# Appleseed Alpha



## Mike Edwards (Mar 10, 2011)

[img]http://www.hometheatershack.com/gallery/file.php?n=22930[/img] 
*Title: Appleseed Alpha* 

*Movie:* :3.5stars:
*Video:* :4.5stars:
*Audio:* :4.5stars: 
*Extras:* :2stars: 

*HTS Overall Score:*81




[img]http://www.hometheatershack.com/gallery/file.php?n=22938[/img]*Summary*
Animation has certainly come a long way since the original “Appleseed” films. In 1988, it was mostly hand drawn, but with the 2004 release, it was fully computer animated. Back in those days, CGI was mainly a novelty and really didn’t feel as good as good old-fashioned hand drawn animation, especially when it was used EXCLUSIVELY instead of complimenting hand drawn art like so many Anime had succeeded in doing. The motion was off, the CGI looked blocky, and there was just something “off” to the artwork. Even in “Appleseed Ex Machina” in 2007, the CGI had its flaws. With “Appleseed Alpha,” I have to say CGI has leapt forward in quality to the point that it can almost pass for realism, especially aided with modern motion capture. Being a prequel to the previous 3 films and the Anime series, “Appleseed Alpha” has the advantage of being able to lay the groundwork for new-time viewers as well as still have that same “feel” that will welcome back long-time viewers. It’s not as great and epic as the first films, but they did a good job in keeping a self-contained origins story that will appeal to new and old alike. 

The story starts out when human Duenan (Luci Christian) and her Cyborg partner Briareos (David Mantranga) are still working as hired muscle for Two Horns (Wendel Calvert), a mob boss for the now destroyed city of New York. Years after a world war that has completely devastated mankind, there is only a fraction of the Earth’s population left and it’s your basic post-apocalyptic world. Technology from the past is lost and much of the population struggles to use the scraps that were left behind. Briareos is one of the oldest and best combat cyborgs in existence, but his power source has been damaged and he’s nowhere near his full capacity. In a “final” mission for Two Horns, Duenan and Briareous run across a couple of fugitives in the form of a young girl named Iris (Brina Palencia) and semi cyborg by the name of Olson (Adam Gibbs). Terrified and desperate, the two fugitives prey on the sympathy of our two heroes in an effort to complete their mission. The only problem: they’re being tracked by a crew of highly trained mercenaries who want Iris for the mission she’s keeping a secret.

Hunted and tracked to a standoff, Duenan and Briareos watch as Iris is captured by the mercs and realize that sometimes hope is a good thing. Pulling out all the stops, they hunt down and find their prey along with Iris, only to find out that her mission was a lot bigger than she had let on. It seems that a weapon of mass destruction, a relic from the war that was cutting edge, is the target and it has a pre-programmed mission that even the Mercs don’t know about. To keep the world from being destroyed a second time, Duenan, Briarieos and Two horns have to team up to rescue Iris and complete her mission.

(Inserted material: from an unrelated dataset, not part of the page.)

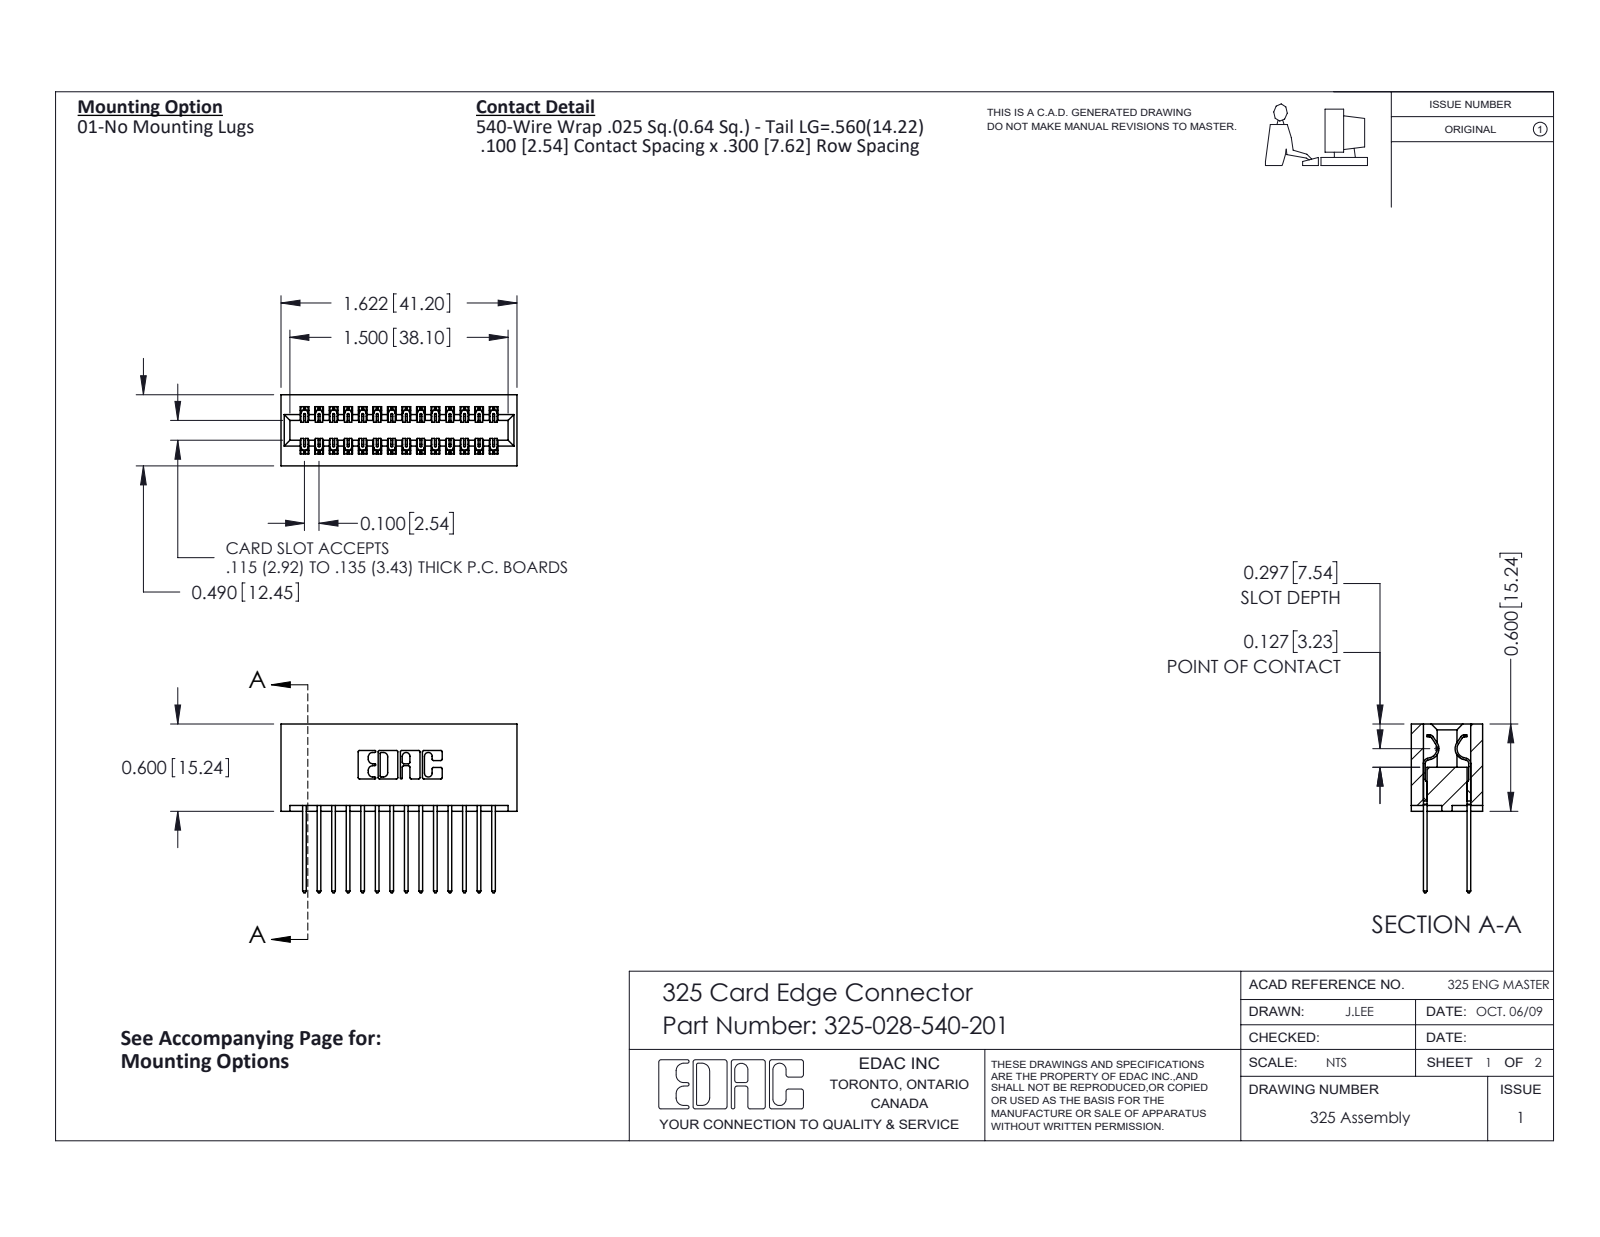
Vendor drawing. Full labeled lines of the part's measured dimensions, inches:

[img]http://www.hometheatershack.com/gallery/file.php?n=22946[/img]
“Alpha” is a fun little animated romp that gives us a look into the past, before they became cops in the fabled city of Olympus, and gives us a glimpse at some of the more desolate regions in this bleak future. The animation is top notch and cutting edge, giving us a fluidity and precision that hasn’t been seen in past installments. The fight scenes look incredible and the motion capture ability is flawless, at times making it hard to realize you’re watching digital animation instead of real life people. The funny thing is that it makes the “future” installments (or previous films really) look pedestrian in comparison, which is usually the case with prequels that come years after the original. This still doesn’t take away from the fact that “Alpha” is a fun little romp with a lot to offer, in the way of story. It keeps itself pretty well contained and doesn’t rely too much on previous knowledge of the characters. The personalities and style of the other films are still there for fans of the original movies and the TV series from a few years ago, but newcomers will have no problem keeping up, as the origins of the characters don’t rely on a lot of previous knowledge and the mission at hand is a time in to the other movies, giving them an introduction that allows them to seamlessly go from here into the other movies without feeling like they’re missing something.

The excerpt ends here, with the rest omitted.